The Boggard croaks in pain as Elros’ third arrow sinks deep into his flesh.  Before it can retaliate Ta-Am-Ath strikes it with fist and finishes it with a kick.  The Boggard’s head snaps back and it collapses with a splash into the dark water of the bog.

Nathan’s magical sphere unerringly strikes the frog and pierces its rubbery hide.  Just a moment after, Willow slashes at the frog but her scimitar barely misses.  Kanli’s attack fares no better than the druid’s.

The frog again snaps at Kanli but the sorcerer’s shield of force deflects the attack.

[sblock=OOC]
Boggard: total damage: 23 (dead)
Frog: total damage: 2

Willow is no longer shaken.

Ready for round three actions from everyone.[/sblock]


----------



## Walking Dad (Aug 11, 2010)

*Ta-Am-Ath* AC 15 (T15, FF12), HP 13/13, F +3,R+4,W+4, CMB +4, CMD 16

Making something like a split in the air after hitting the boggard, Ta makes a near fall, smashing his heel on the frog and quickly stands beside him.

[sblock=ooc]
Ta-Am-Ath
Ta-Am-Ath

Move next to the frog (I6).
Unarmed attack (1d20+4=20, 1d6+4=6) against the frog (forgot flanking bonus, but I think I still hit).

[/sblock]


----------



## Vertexx69 (Aug 11, 2010)

*Willow, HP: 9/9, AC: 19/12T/16FF, Saves: 3F/2R/6W, LL Vision*
*Boon, HP: 16+1/16, AC 17/13T/14FF, Saves: 4F/6R/2W, LL Vision, Scent

*Willow takes a another swing at the frog, slicing squarely now that the pesky humming had stopped in her head . Her blade coated in thick icor. She step around the beast to give her companion an edge.

[sblock=Willow's Actions]Standard: [url=http://invisiblecastle.com/roller/view/2646076/]Scimitar vs frog (1d20+2=16, 1d6+2=7)[/URL]
Move: Move to (J,4)
Free:[/sblock]

Boon looks happy to be attacking a simple animal instead of the nasty frogman as he closes in from the other side of the slimy creature, and his bite finds its mark solidly this time.[sblock=Boon's Actions]Standard: [url=http://invisiblecastle.com/roller/view/2646087/]Bite vs frog (1d20+4=22, 1d6+1=7)[/URL][/sblock]
[sblock=Spell List]Orisons: Create Water, Light, Virtue
1st lvl: Cure Light Wounds, Speak with Animals[/sblock]

OOC - Aha!

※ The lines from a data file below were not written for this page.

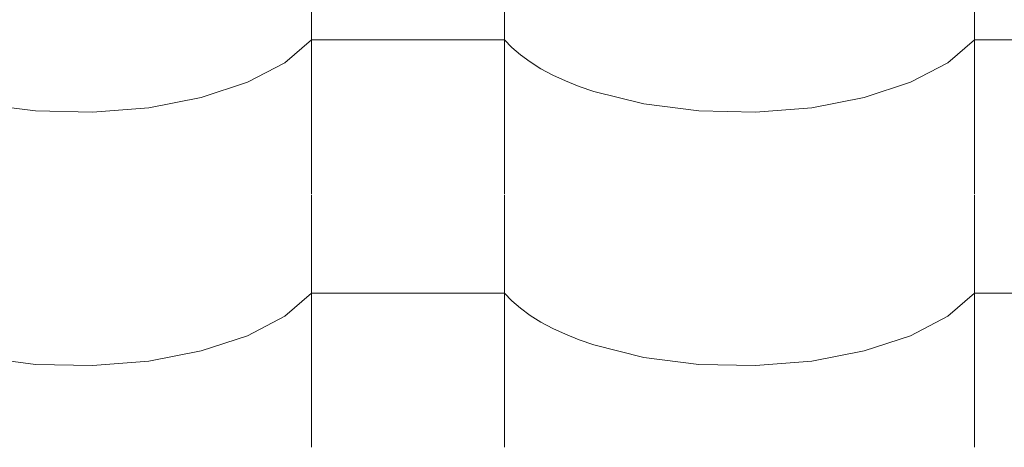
# Model space of a CAD drawing. Header units: millimetres. Extents: x -36478 to 31050, y -14815 to 11827.
# Tile 317 of 656: x -14329 to -14084, y 10681 to 10787. Entities that reach past the tile are written whole.
import ezdxf

# ---------------------------------------------------------------- set-up
doc = ezdxf.new("R2010")
doc.units = ezdxf.units.MM
doc.header["$MEASUREMENT"] = 0
doc.layers.add('Nové_Výplně - Povrchové', color=7, linetype='Continuous')

# ---------------------------------------------------------------- blocks, each defined once
blk = doc.blocks.new('*X13')
at = {"layer": 'Nové_Výplně - Povrchové', "color": 21, "linetype": 'Continuous', "lineweight": 20, "true_color": 0xffaaaa}
for p, q in [((-14256.72, 10806.8), (-14256.72, 10743.92)), ((-14208.69, 10806.8), (-14208.69, 10743.92)), ((-14091.72, 10806.8), (-14091.72, 10743.92)), ((-14263.39, 10776.58), (-14256.72, 10782.27)), ((-14232.71, 10782.27), (-14256.72, 10782.27)), ((-14208.69, 10782.27), (-14232.71, 10782.27)), ((-14208.69, 10782.27), (-14206.86, 10780.38)), ((-14098.39, 10776.58), (-14091.72, 10782.27)), ((-14067.71, 10782.27), (-14091.72, 10782.27)), ((-14206.86, 10780.38), (-14204.74, 10778.55)), ((-14204.74, 10778.55), (-14202.34, 10776.79)), ((-14272.7, 10771.72), (-14263.39, 10776.58)), ((-14202.34, 10776.79), (-14199.65, 10775.12)), ((-14107.7, 10771.72), (-14098.39, 10776.58)), ((-14199.65, 10775.12), (-14196.71, 10773.54)), ((-14196.71, 10773.54), (-14193.53, 10772.06)), ((-14284.18, 10767.92), (-14272.7, 10771.72)), ((-14193.53, 10772.06), (-14190.12, 10770.69)), ((-14119.18, 10767.92), (-14107.7, 10771.72)), ((-14190.12, 10770.69), (-14186.5, 10769.44)), ((-14186.5, 10769.44), (-14174.05, 10766.34)), ((-14339.05, 10766.34), (-14325.39, 10764.58)), ((-14297.24, 10765.39), (-14284.18, 10767.92)), ((-14174.05, 10766.34), (-14160.39, 10764.58)), ((-14132.24, 10765.39), (-14119.18, 10767.92)), ((-14325.39, 10764.58), (-14311.21, 10764.26)), ((-14311.21, 10764.26), (-14297.24, 10765.39)), ((-14160.39, 10764.58), (-14146.21, 10764.26)), ((-14146.21, 10764.26), (-14132.24, 10765.39)), ((-14256.72, 10743.7), (-14256.72, 10680.82)), ((-14208.69, 10743.7), (-14208.69, 10680.82)), ((-14091.72, 10743.7), (-14091.72, 10680.82)), ((-14263.39, 10713.48), (-14256.72, 10719.17)), ((-14232.71, 10719.17), (-14256.72, 10719.17)), ((-14208.69, 10719.17), (-14232.71, 10719.17)), ((-14208.69, 10719.17), (-14206.86, 10717.27)), ((-14206.86, 10717.27), (-14204.74, 10715.44)), ((-14098.39, 10713.48), (-14091.72, 10719.17)), ((-14067.71, 10719.17), (-14091.72, 10719.17)), ((-14204.74, 10715.44), (-14202.34, 10713.69)), ((-14272.7, 10708.61), (-14263.39, 10713.48)), ((-14202.34, 10713.69), (-14199.65, 10712.01)), ((-14199.65, 10712.01), (-14196.71, 10710.44)), ((-14107.7, 10708.61), (-14098.39, 10713.48)), ((-14196.71, 10710.44), (-14193.53, 10708.96)), ((-14284.18, 10704.82), (-14272.7, 10708.61)), ((-14193.53, 10708.96), (-14190.12, 10707.59)), ((-14190.12, 10707.59), (-14186.5, 10706.33)), ((-14119.18, 10704.82), (-14107.7, 10708.61)), ((-14297.24, 10702.29), (-14284.18, 10704.82)), ((-14186.5, 10706.33), (-14174.05, 10703.23)), ((-14132.24, 10702.29), (-14119.18, 10704.82)), ((-14339.05, 10703.23), (-14325.39, 10701.48)), ((-14311.21, 10701.16), (-14297.24, 10702.29)), ((-14174.05, 10703.23), (-14160.39, 10701.48)), ((-14146.21, 10701.16), (-14132.24, 10702.29)), ((-14325.39, 10701.48), (-14311.21, 10701.16)), ((-14160.39, 10701.48), (-14146.21, 10701.16))]:
    blk.add_line(p, q, dxfattribs=at)
blk = doc.blocks.new('výplň_6_1', base_point=(0, 0))
at = {"layer": 'Nové_Výplně - Povrchové', "color": 21, "linetype": 'Continuous', "lineweight": 20, "true_color": 0xffaaaa}
blk.add_blockref('*X13', (0, 0), dxfattribs=at)

msp = doc.modelspace()

# ---------------------------------------------------------------- block references
at = {"layer": 'Nové_Výplně - Povrchové', "color": 21, "linetype": 'Continuous', "lineweight": 20, "true_color": 0xffaaaa}
msp.add_blockref('výplň_6_1', (0, 0), dxfattribs=at)

doc.saveas('drawing.dxf')
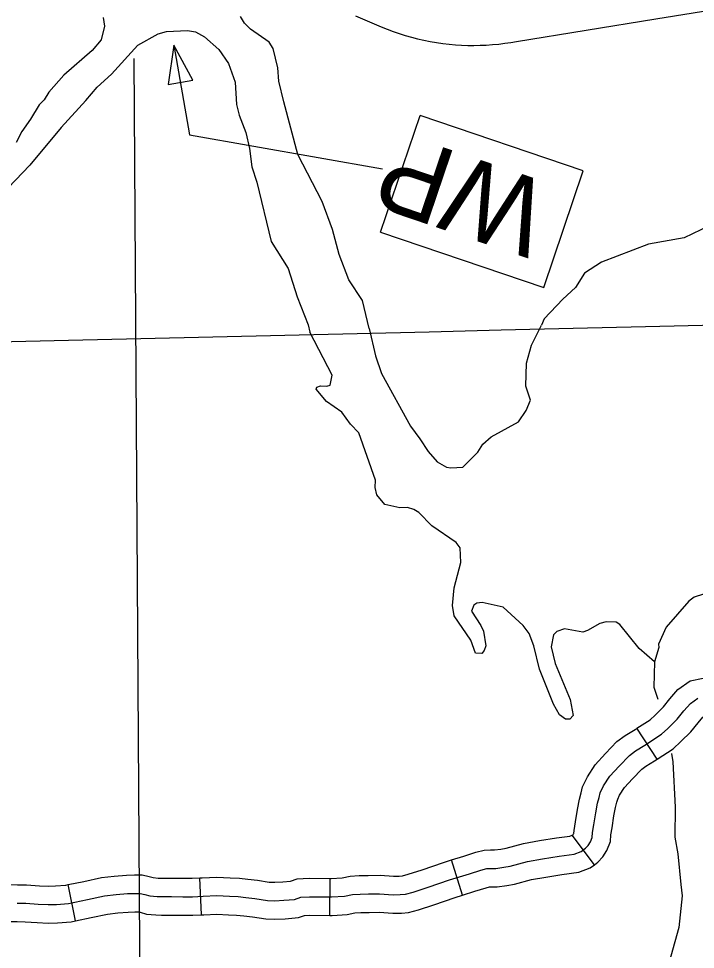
# Model space of a CAD drawing. Extents: x -19 to 366, y -4 to 359.
# Drawn here: x 132.38 to 132.9, y 199.204 to 199.92 of the extents above; entities that cross this region are included whole.
import ezdxf

# ---------------------------------------------------------------- set-up
doc = ezdxf.new("R2010")
doc.units = 0
for name, color, linetype in [('60', 7, 'Continuous'), ('R_Axis Annot', 7, 'Continuous'), ('R_Border Prem', 7, 'Continuous'), ('R_Contour Annot', 7, 'Continuous'), ('R_ROW Annot', 7, 'Continuous'), ('R_Temp Easement', 7, 'Continuous'), ('Sheet Fence', 7, 'Continuous')]:
    doc.layers.add(name, color=color, linetype=linetype)

msp = doc.modelspace()

# ---------------------------------------------------------------- linework, layer by layer
at = {"layer": '60'}
for p, q in [((132.6582, 199.75579), (132.68861, 199.84548)), ((132.81416, 199.80291), (132.68861, 199.84548)), ((132.78376, 199.71323), (132.81416, 199.80291)), ((132.6582, 199.75579), (132.78376, 199.71323))]:
    msp.add_line(p, q, dxfattribs=at)
msp.add_lwpolyline([(132.49471, 199.86945), (132.51374, 199.87277), (132.49924, 199.89965)], close=True, dxfattribs=at)
msp.add_lwpolyline([(132.49924, 199.89965), (132.51131, 199.83055), (132.65979, 199.80464)], dxfattribs=at)
at = {"layer": 'R_Axis Annot'}
msp.add_lwpolyline([(132.47366, 199.08644), (132.46869, 199.88926)], dxfattribs=at)
at = {"layer": 'R_Border Prem'}
for points in [[(132.44492, 199.92091), (132.44578, 199.91409), (132.44329, 199.90381), (132.43622, 199.89537), (132.41456, 199.87647), (132.40302, 199.86341), (132.39932, 199.85767), (132.3956, 199.85383)], [(132.64956, 199.68175), (132.64431, 199.7033), (132.63385, 199.71908), (132.62636, 199.7387), (132.62115, 199.75798), (132.61325, 199.77949), (132.59453, 199.81565), (132.58369, 199.85609), (132.58004, 199.87197), (132.57913, 199.8822), (132.5755, 199.89695), (132.57239, 199.90184), (132.55824, 199.91188), (132.55362, 199.91637), (132.55052, 199.92163)], [(132.41252, 199.83623), (132.43151, 199.85699), (132.44006, 199.86735), (132.45126, 199.87737), (132.47136, 199.89966), (132.48713, 199.90822), (132.49353, 199.91021), (132.5098, 199.91082), (132.51587, 199.90977), (132.52274, 199.90607), (132.53387, 199.89636), (132.54123, 199.88546), (132.54637, 199.87112), (132.54738, 199.85406), (132.5494, 199.84574), (132.55452, 199.83254), (132.55736, 199.82006), (132.55909, 199.80605), (132.56306, 199.79434), (132.57397, 199.74859), (132.58716, 199.72791), (132.59393, 199.706), (132.60258, 199.6845), (132.60381, 199.67883)], [(133.2, 199.84615), (133.17464, 199.85188), (133.16024, 199.85243), (133.15079, 199.85154), (133.13759, 199.8487), (133.11599, 199.84991), (133.10348, 199.85125), (133.08759, 199.85103), (133.07587, 199.84973), (133.06835, 199.84659), (133.04143, 199.82496), (133.0336, 199.81689), (132.97744, 199.77626), (132.96768, 199.77082), (132.95603, 199.76572), (132.94166, 199.76476), (132.92764, 199.7657), (132.91745, 199.76366), (132.89189, 199.75154), (132.86434, 199.7466), (132.82821, 199.73282), (132.81509, 199.72428), (132.80807, 199.71318), (132.79836, 199.70432)], [(132.79836, 199.70432), (132.7842, 199.68933), (132.78201, 199.68437)], [(132.64956, 199.68175), (132.65426, 199.66083), (132.65901, 199.64725), (132.68121, 199.60666), (132.68855, 199.59692), (132.69475, 199.58716), (132.70168, 199.57932), (132.70893, 199.57526), (132.71234, 199.57456), (132.72141, 199.57509), (132.73294, 199.58666), (132.737, 199.59279), (132.74333, 199.59859), (132.76432, 199.60993), (132.77022, 199.61875), (132.7735, 199.62677), (132.76993, 199.63733), (132.7704, 199.65516), (132.77433, 199.66888), (132.78201, 199.68437)], [(132.61191, 199.63775), (132.61683, 199.63745), (132.61946, 199.63826), (132.62085, 199.64586), (132.60381, 199.67883)], [(132.86896, 199.42545), (132.85708, 199.43587), (132.84242, 199.45422), (132.83936, 199.45606), (132.8318, 199.45632), (132.82691, 199.4551), (132.81754, 199.44963), (132.81378, 199.44843), (132.79976, 199.45086), (132.79374, 199.44886), (132.79114, 199.44616), (132.78939, 199.43703), (132.79262, 199.42419), (132.80403, 199.39669), (132.8065, 199.38422), (132.80389, 199.38152), (132.80049, 199.38147), (132.7959, 199.3848), (132.79123, 199.39307), (132.7806, 199.41982), (132.77615, 199.43795), (132.7726, 199.44737), (132.76796, 199.45336), (132.75262, 199.46752), (132.73631, 199.47104), (132.73215, 199.4706), (132.72991, 199.46904), (132.72809, 199.46446), (132.73545, 199.45358), (132.73741, 199.44907), (132.73911, 199.43772), (132.73803, 199.43429), (132.73618, 199.43198), (132.73126, 199.43228), (132.7277, 199.44208), (132.71492, 199.46083), (132.71366, 199.46877), (132.71495, 199.48245), (132.71993, 199.50187), (132.71937, 199.51324), (132.71628, 199.51736), (132.69756, 199.52995), (132.68756, 199.5404), (132.68375, 199.54261), (132.67881, 199.54405), (132.67314, 199.54395), (132.66138, 199.54641), (132.65522, 199.5539), (132.65399, 199.55956), (132.65428, 199.56526), (132.6416, 199.60146), (132.63507, 199.60817), (132.62849, 199.61755), (132.61664, 199.62569), (132.60855, 199.63504), (132.60928, 199.63657), (132.61191, 199.63775)], [(133.04704, 199.44698), (133.02883, 199.45085), (132.99352, 199.46051), (132.98671, 199.46077), (132.97352, 199.45866), (132.96747, 199.45856), (132.96139, 199.46073), (132.94342, 199.47295), (132.93011, 199.47842), (132.92329, 199.47907), (132.90668, 199.47765), (132.89954, 199.47526), (132.89543, 199.47216), (132.87798, 199.45215), (132.87214, 199.43916), (132.87219, 199.4365), (132.86896, 199.42545)]]:
    msp.add_lwpolyline(points, dxfattribs=at)
at = {"layer": 'R_Contour Annot'}
msp.add_lwpolyline([(132.63899, 199.92224), (132.6587, 199.91361), (132.66332, 199.91176), (132.66793, 199.91005), (132.67257, 199.90848), (132.67725, 199.90702), (132.68198, 199.90568), (132.68673, 199.90446), (132.69151, 199.90337), (132.6963, 199.9024), (132.70115, 199.90156), (132.70614, 199.90082), (132.71103, 199.90029), (132.71575, 199.89989), (132.72053, 199.89961), (132.72528, 199.89945), (132.73005, 199.89941), (132.73482, 199.89949), (132.73958, 199.8997), (132.74433, 199.90002), (132.74909, 199.90047), (132.75382, 199.90103), (132.75854, 199.90171), (132.76283, 199.90245), (132.87003, 199.91982), (132.97844, 199.93751)], dxfattribs=at)
at = {"layer": 'R_ROW Annot'}
for p, q in [((132.87102, 199.35064), (132.8555, 199.37444)), ((132.82269, 199.26956), (132.8057, 199.29233)), ((132.72133, 199.24616), (132.7128, 199.27326)), ((132.52049, 199.23101), (132.51923, 199.2594)), ((132.61912, 199.23062), (132.61942, 199.25903)), ((132.42362, 199.22645), (132.41791, 199.25428))]:
    msp.add_line(p, q, dxfattribs=at)
for points in [[(132.8555, 199.37444), (132.86564, 199.38105), (132.86945, 199.38462), (132.87579, 199.39094), (132.88077, 199.397), (132.88694, 199.40415), (132.8963, 199.41092), (132.90638, 199.41307), (132.91412, 199.41371), (132.92762, 199.41423), (132.94032, 199.41589), (132.94898, 199.41597)], [(132.8212, 199.29426), (132.82227, 199.30026), (132.82372, 199.30954), (132.82509, 199.3168), (132.82633, 199.3212), (132.82715, 199.32478), (132.82974, 199.33013), (132.83462, 199.33767), (132.84174, 199.34534), (132.84961, 199.3536), (132.85431, 199.35718), (132.86153, 199.36141), (132.87444, 199.36983), (132.87933, 199.3744), (132.88632, 199.38138), (132.89164, 199.38785), (132.89661, 199.39362), (132.90219, 199.39765)], [(132.87102, 199.35064), (132.88324, 199.35861), (132.8892, 199.36419), (132.89684, 199.37182), (132.90251, 199.3787), (132.90628, 199.38308), (132.90808, 199.38438), (132.91053, 199.3849), (132.91583, 199.38534), (132.93001, 199.38589), (132.94231, 199.3875), (132.94925, 199.38756)], [(132.8057, 199.29233), (132.80634, 199.29281), (132.80672, 199.29321), (132.80693, 199.29354), (132.80707, 199.29592), (132.80826, 199.30261), (132.80972, 199.31195), (132.81125, 199.32005), (132.81256, 199.32471), (132.81366, 199.3295), (132.81733, 199.33711), (132.82337, 199.34642), (132.83139, 199.35506), (132.8401, 199.36421), (132.84639, 199.369), (132.85405, 199.3735), (132.85551, 199.37444)], [(132.82269, 199.26956), (132.82532, 199.27153), (132.82917, 199.27561), (132.83241, 199.28062), (132.83503, 199.28744), (132.83533, 199.29259), (132.83628, 199.29791), (132.83772, 199.30712), (132.83893, 199.31355), (132.8401, 199.31768), (132.84064, 199.32005), (132.84214, 199.32315), (132.84587, 199.32891), (132.85209, 199.33561), (132.85912, 199.34299), (132.86224, 199.34536), (132.869, 199.34933), (132.87102, 199.35064)], [(132.37872, 199.24001), (132.38523, 199.23998), (132.3949, 199.23924), (132.40258, 199.23889), (132.40887, 199.23908), (132.41811, 199.23982), (132.43275, 199.24282), (132.44584, 199.24562), (132.45476, 199.24669), (132.46343, 199.24741), (132.46904, 199.24746), (132.47328, 199.24748), (132.47674, 199.24678), (132.48068, 199.24564), (132.48626, 199.24514), (132.48993, 199.24502), (132.49737, 199.24501), (132.50597, 199.24493), (132.51353, 199.24492), (132.52164, 199.24528), (132.53214, 199.24583), (132.54189, 199.24532), (132.54853, 199.24506), (132.55452, 199.24432), (132.5616, 199.24362), (132.57126, 199.24207), (132.57688, 199.2419), (132.58386, 199.24222), (132.59198, 199.24292), (132.5969, 199.24468), (132.60352, 199.24499), (132.62049, 199.24481), (132.63056, 199.24546), (132.63659, 199.24667), (132.64243, 199.24696), (132.64905, 199.24716), (132.65748, 199.24729), (132.66788, 199.24646), (132.67337, 199.24663), (132.67739, 199.24698), (132.6834, 199.24854), (132.69475, 199.2522), (132.71119, 199.25786), (132.72651, 199.26268), (132.73547, 199.26547), (132.74001, 199.26664), (132.74299, 199.26673), (132.74687, 199.26673), (132.7531, 199.26758), (132.758, 199.26853), (132.77118, 199.27203), (132.78291, 199.2741), (132.79557, 199.27609), (132.80727, 199.27767), (132.81247, 199.27966), (132.81583, 199.28217), (132.81794, 199.28441), (132.81968, 199.2871), (132.82098, 199.29047), (132.8212, 199.29426)], [(132.7128, 199.27326), (132.72226, 199.27623), (132.73159, 199.27914), (132.738, 199.28079), (132.74277, 199.28093), (132.7459, 199.28093), (132.75078, 199.2816), (132.75482, 199.28239), (132.76812, 199.28591), (132.78058, 199.28811), (132.79352, 199.29014), (132.80373, 199.29152), (132.80555, 199.29222), (132.8057, 199.29233)], [(132.61942, 199.25903), (132.62011, 199.25902), (132.62869, 199.25957), (132.63482, 199.26081), (132.64186, 199.26116), (132.64873, 199.26136), (132.65794, 199.26151), (132.66823, 199.26069), (132.67254, 199.26082), (132.67497, 199.26103), (132.67943, 199.26218), (132.69026, 199.26568), (132.70675, 199.27135), (132.7128, 199.27326)], [(132.72133, 199.24616), (132.73075, 199.24912), (132.73936, 199.2518), (132.74202, 199.25249), (132.74321, 199.25252), (132.74785, 199.25253), (132.75542, 199.25356), (132.76117, 199.25468), (132.77424, 199.25814), (132.78525, 199.26009), (132.79762, 199.26203), (132.81081, 199.26381), (132.81939, 199.2671), (132.82269, 199.26956)], [(132.41791, 199.25428), (132.42984, 199.25672), (132.4435, 199.25965), (132.45332, 199.26083), (132.46277, 199.26161), (132.46895, 199.26167), (132.47468, 199.26169), (132.48013, 199.26058), (132.48331, 199.25966), (132.48712, 199.25932), (132.49017, 199.25923), (132.49745, 199.25922), (132.50604, 199.25913), (132.51322, 199.25913), (132.51923, 199.2594)], [(132.51923, 199.2594), (132.52096, 199.25947), (132.53214, 199.26005), (132.54254, 199.25951), (132.54967, 199.25923), (132.55609, 199.25844), (132.56343, 199.25771), (132.5726, 199.25624), (132.57677, 199.25611), (132.58291, 199.2564), (132.58894, 199.25692), (132.59412, 199.25876), (132.60326, 199.2592), (132.61942, 199.25903)], [(132.32105, 199.2556), (132.32542, 199.25557), (132.34823, 199.2542), (132.36617, 199.25429), (132.3788, 199.25421), (132.38581, 199.25418), (132.39576, 199.25342), (132.40268, 199.25311), (132.40809, 199.25327), (132.41611, 199.25391), (132.41791, 199.25428)], [(132.61912, 199.23062), (132.62087, 199.2306), (132.63242, 199.23134), (132.63835, 199.23254), (132.64299, 199.23277), (132.64938, 199.23296), (132.65702, 199.23308), (132.66753, 199.23224), (132.6742, 199.23244), (132.6798, 199.23293), (132.68737, 199.23489), (132.69925, 199.23873), (132.71563, 199.24437), (132.72133, 199.24616)], [(132.42362, 199.22645), (132.43567, 199.22892), (132.44818, 199.23159), (132.45619, 199.23256), (132.46409, 199.23321), (132.46913, 199.23326), (132.47188, 199.23327), (132.47334, 199.23297), (132.47805, 199.23161), (132.4854, 199.23095), (132.4897, 199.23082), (132.49729, 199.23081), (132.5059, 199.23072), (132.51384, 199.23072), (132.52049, 199.23101)], [(132.52049, 199.23101), (132.52232, 199.2311), (132.53213, 199.2316), (132.54124, 199.23113), (132.54738, 199.23089), (132.55295, 199.2302), (132.55977, 199.22952), (132.56992, 199.2279), (132.57699, 199.22768), (132.5848, 199.22804), (132.59503, 199.22893), (132.59968, 199.23059), (132.60379, 199.23078), (132.61912, 199.23062)], [(132.32082, 199.2272), (132.32446, 199.22717), (132.34745, 199.22579), (132.36616, 199.22588), (132.37864, 199.22581), (132.38466, 199.22577), (132.39404, 199.22506), (132.40248, 199.22468), (132.40965, 199.22489), (132.42011, 199.22573), (132.42362, 199.22645)]]:
    msp.add_lwpolyline(points, dxfattribs=at)
at = {"layer": 'R_Temp Easement'}
for points in [[(132.3956, 199.85383), (132.38895, 199.84273), (132.38229, 199.83315), (132.37787, 199.82474)], [(132.41252, 199.83623), (132.38836, 199.80744), (132.36637, 199.78437), (132.34709, 199.7583), (132.33155, 199.73456), (132.31404, 199.71648), (132.30512, 199.70574), (132.2812, 199.68567), (132.27034, 199.67793), (132.2662, 199.67598), (132.25714, 199.67433), (132.24962, 199.67157)], [(132.86896, 199.42545), (132.86852, 199.4061), (132.87164, 199.39675)], [(132.88205, 199.35499), (132.88305, 199.3487), (132.88474, 199.31384), (132.88473, 199.2907), (132.88683, 199.27784), (132.8891, 199.25437), (132.89037, 199.24566), (132.88774, 199.22135), (132.87844, 199.1882), (132.87815, 199.18251), (132.8809, 199.17611), (132.87803, 199.16658), (132.8537, 199.12787), (132.84674, 199.1141), (132.84167, 199.10037), (132.83061, 199.08274), (132.80804, 199.05241), (132.80366, 199.04285), (132.79618, 199.01428), (132.78631, 198.99326), (132.78367, 198.96895), (132.78459, 198.9591), (132.78731, 198.94583)]]:
    msp.add_lwpolyline(points, dxfattribs=at)
at = {"layer": 'Sheet Fence'}
for points in [[(139.44064, 1.53154), (139.25106, 10.14733), (139.06082, 18.76327), (138.86992, 27.37935), (138.67836, 35.99557), (138.48613, 44.61194), (138.29325, 53.22845), (138.09971, 61.84511), (137.9055, 70.46191), (137.71065, 79.07885), (137.51513, 87.69595), (137.31896, 96.31318), (137.12214, 104.93057), (136.92466, 113.54809), (136.72653, 122.16577), (136.52775, 130.78359), (136.32832, 139.40156), (136.12824, 148.01968), (135.9275, 156.63794), (135.72612, 165.25636), (135.5241, 173.87492), (135.32143, 182.49362), (135.11811, 191.11248), (134.91415, 199.73149), (134.70954, 208.35064), (134.50429, 216.96995), (134.2984, 225.5894), (134.09187, 234.209), (133.8847, 242.82876), (133.6769, 251.44866), (133.46845, 260.06872), (133.25937, 268.68892), (133.04965, 277.30928), (132.8393, 285.92978), (132.62831, 294.55044), (132.41669, 303.17125), (132.20444, 311.79221), (131.99156, 320.41333), (131.77805, 329.0346), (131.56391, 337.65601), (131.34914, 346.27759)], [(0, 198.13258), (7.10141, 198.13701), (14.2028, 198.15029), (21.30418, 198.17244), (28.40552, 198.20345), (35.50682, 198.24331), (42.60806, 198.29203), (49.70923, 198.34961), (56.81033, 198.41605), (63.91134, 198.49135), (71.01225, 198.5755), (78.11305, 198.66852), (85.21373, 198.77039), (92.31428, 198.88112), (99.41468, 199.0007), (106.51492, 199.12915), (113.61501, 199.26645), (120.71491, 199.4126), (127.81463, 199.56762), (134.91415, 199.73149), (142.01345, 199.90421), (149.11254, 200.0858), (156.2114, 200.27623), (163.31001, 200.47553), (170.40837, 200.68367), (177.50646, 200.90068), (184.60427, 201.12653), (191.7018, 201.36125), (198.79903, 201.60481), (205.89596, 201.85723), (212.99256, 202.1185), (220.08883, 202.38862), (227.18475, 202.6676), (234.28033, 202.95542), (241.37554, 203.2521), (248.47037, 203.55763), (255.56482, 203.87201), (262.65887, 204.19524), (269.75251, 204.52732), (276.84573, 204.86824), (283.93852, 205.21802), (291.03086, 205.57664), (298.12276, 205.94411), (305.21419, 206.32042), (312.30515, 206.70559), (319.39562, 207.09959), (326.48559, 207.50244), (333.57505, 207.91414), (340.664, 208.33468)], [(0, 189.51617), (7.11214, 189.52059), (14.22427, 189.53386), (21.33637, 189.55597), (28.44845, 189.58693), (35.56048, 189.62672), (42.67245, 189.67537), (49.78436, 189.73285), (56.89619, 189.79918), (64.00793, 189.87436), (71.11958, 189.95838), (78.23111, 190.05124), (85.34253, 190.15294), (92.45381, 190.26349), (99.56495, 190.38288), (106.67593, 190.51112), (113.78675, 190.6482), (120.89739, 190.79412), (128.00785, 190.94888), (135.11811, 191.11248), (142.22816, 191.28493), (149.33799, 191.46621), (156.44759, 191.65634), (163.55694, 191.85531), (170.66605, 192.06312), (177.77489, 192.27977), (184.88345, 192.50526), (191.99173, 192.73959), (199.09971, 192.98276), (206.20739, 193.23477), (213.31474, 193.49561), (220.42177, 193.7653), (227.52845, 194.04382), (234.63479, 194.33118), (241.74076, 194.62738), (248.84635, 194.93241), (255.95157, 195.24628), (263.05638, 195.56898), (270.16079, 195.90052), (277.26478, 196.24089), (284.36834, 196.5901), (291.47147, 196.94814), (298.57414, 197.31501), (305.67635, 197.69072), (312.77809, 198.07525), (319.87934, 198.46862), (326.9801, 198.87082), (334.08035, 199.28185), (341.18009, 199.7017)]]:
    msp.add_spline(points, degree=3, dxfattribs=at)

# ---------------------------------------------------------------- texts
at = {"layer": '60'}
msp.add_text('WP', height=0.06, rotation=161.27249, dxfattribs=at).set_placement((132.79136, 199.79232))

doc.saveas('drawing.dxf')

The trick is to NOT do full attacks


----------



## InVinoVeritas (Aug 11, 2010)

*Kanli the Mad* AC 16 (T16, FF14), HP 11/11, F +1,R+2,W+0, CMB +1, CMD 13

"I wish I had a bigger bag," Kanli calls out. "This is the best frog yet!"

Kanli snarls and leaps forward to bring his axe down on the frog. 

[sblock=ooc]
1d20+1=14, 1d12+1=7

Wait, I'm flanking with Ta, right? I hit AC 16 in that case.
[/sblock]


----------



## GlassEye (Aug 11, 2010)

Finally, the group begins to move like a well-trained battle squad.  Everyone converges on the frog and cuts it down.  Blood seeps from the frog corpse and the Boggard floats nearby with bulging eyes staring up into the starry night sky.  For a moment, in the quiet of the aftermath of the battle, it seems _too_ quiet but then the chirps and croaks and calls of small creatures begin to resume.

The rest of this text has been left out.